Alan Brazil: FA’s handling of Eniola Aluko case was a shambles

Footballer Eniola Aluko answers questions in front of the Digital, Culture, Media and Sport Committee

THE FA used to lurch from one crisis to another.

But, in recent years, I started to think they’d finally gotten themselves on an even keel.

I should have known better.

We all should have.

The way English football’s governing body has handled the Eniola Aluko race discrimination case has been nothing short of disgraceful.

From start to finish, they made a mess of the whole thing.

For the player herself – whose complaints have been vindicated after 18 months – it spelled a sad end to a distinguished England career.

Meanwhile, Mark Sampson, the manager she accused of making discriminatory remarks to her and a team-mate, kept his job until evidence emerged of “inappropriate and unacceptable” behaviour in a previous role.

What an absolute shambles.

First things first, the FA should have researched Sampson’s background thoroughly, before offering him the top job in English ladies’ football.

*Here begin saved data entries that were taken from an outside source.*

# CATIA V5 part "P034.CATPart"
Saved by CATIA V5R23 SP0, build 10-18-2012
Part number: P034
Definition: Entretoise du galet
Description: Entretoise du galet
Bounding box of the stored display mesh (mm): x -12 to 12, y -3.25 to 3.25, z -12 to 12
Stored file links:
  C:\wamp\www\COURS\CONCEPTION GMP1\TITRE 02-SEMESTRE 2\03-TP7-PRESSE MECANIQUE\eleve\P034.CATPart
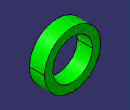
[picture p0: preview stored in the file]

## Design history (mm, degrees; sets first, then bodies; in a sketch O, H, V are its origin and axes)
Body1 (main body)
  Sketch1 on zx-plane, origin (0, 0, 0), H (-1, 0, 0), V (0, 0, 1)
    circle A1 centre (0, 0) radius 12
    circle A2 centre (0, 0) radius 8.5
    radius A1 = 12
    radius A2 = 8.5
  Pad1: profile Sketch1, direction (0, 1, 0), length 3.25, mirrored extent
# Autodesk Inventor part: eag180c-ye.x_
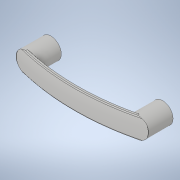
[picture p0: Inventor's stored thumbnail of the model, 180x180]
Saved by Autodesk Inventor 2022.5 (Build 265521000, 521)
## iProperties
Created: 2021-07
Part Number: eag180c-ye.x_
Material: 一般
Document SubType Name: Modeling
Designer: ImaoCorp
Density: 1 g/cm^3
Appearance: 既定
Sending System: SOLIDWORKS 2019-2019304
MC: AMD64
MC_MODEL: Intel64 Family 6 Model 60 Stepping 3, GenuineIntel
OS: Windows_NT
FRU: Parasolid Version 31.0, build 290,  9- 1-2019
FORMAT: text
GUISE: transmit
KEY: eag180c-ye
FILE: eag180c-ye.x_t
DATE: Thu Jul 29 14:22:05 2021
Author: ImaoCorp
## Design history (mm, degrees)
feature "Base1"
node "ソリッド1"
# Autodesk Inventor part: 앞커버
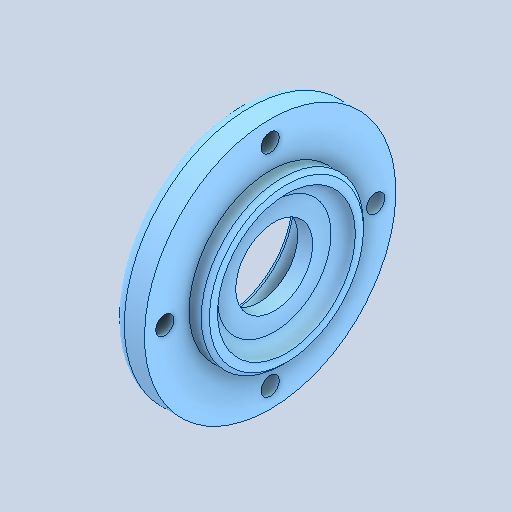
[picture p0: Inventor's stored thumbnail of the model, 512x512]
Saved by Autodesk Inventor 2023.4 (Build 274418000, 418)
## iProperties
Created: 2024-09
Part Number: 앞커버
Material: 알루미늄 6061
Document SubType Name: Modeling
Designer: EDU
Density: 2.7 g/cm^3
Appearance: 기본값
Author: jhkim
Sending System: Autodesk Inventor 2025
Preprocessor: ST-DEVELOPER v20
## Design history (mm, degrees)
feature "솔리드1"
node "솔리드2"

After that, once Aluko made her allegations, those should have been fully and properly investigated.

Instead, Aluko, with 102 caps to her name, ended up being dropped, while Sampson was cleared and continued to manage the national side.

That it took another two months – and a parliamentary hearing – for the FA to admit it had made mistakes is shocking.

For chief executive Martin Glenn to claim at the very same hearing that: “On balance I think we do a good job” is completely tone deaf.

Imagine how Aluko must be feeling today. She has had to wait a year-and-a-half for someone to acknowledge the truth of her claims.

On one hand she’ll be delighted. On the other she’ll be absolutely horrified.

I’m not surprised folk are questioning whether Glenn – and FA chairman Greg Clarke – can continue in their roles. After all, this is a proper, old-fashioned FA foul-up.

And I reckon they could have another big problem on the horizon in the shape of “Big” Sam Allardyce.

Just over a year has passed since Sam was sacked as England manager after just 67 days in charge.

I doubt many fans have given the decision a second thought.

But Sam has never let it drop – and neither have his lawyers.

I haven’t spoken to Sam personally on the subject, but I’m aware he feels hard done by over the way the FA handled his sacking.

Then news broke that he is preparing to sue the governing body for damages over comments made by Glenn and Clarke.

Sam reckons they didn’t wait for the full facts of his case to emerge before they punted him out of Wembley.

If their humiliation – and that’s exactly how it should be seen – over Aluko isn’t enough to trigger change, a potential seven-figure pay out to Allardyce will certainly do the job.

Either thing on its own is the kind of mess that could bring down bosses.

Together, one after another, they could trigger root-and-branch reform.

Frankly, I don’t think you’ll find too many people in football who would argue that’s not what the FA needs.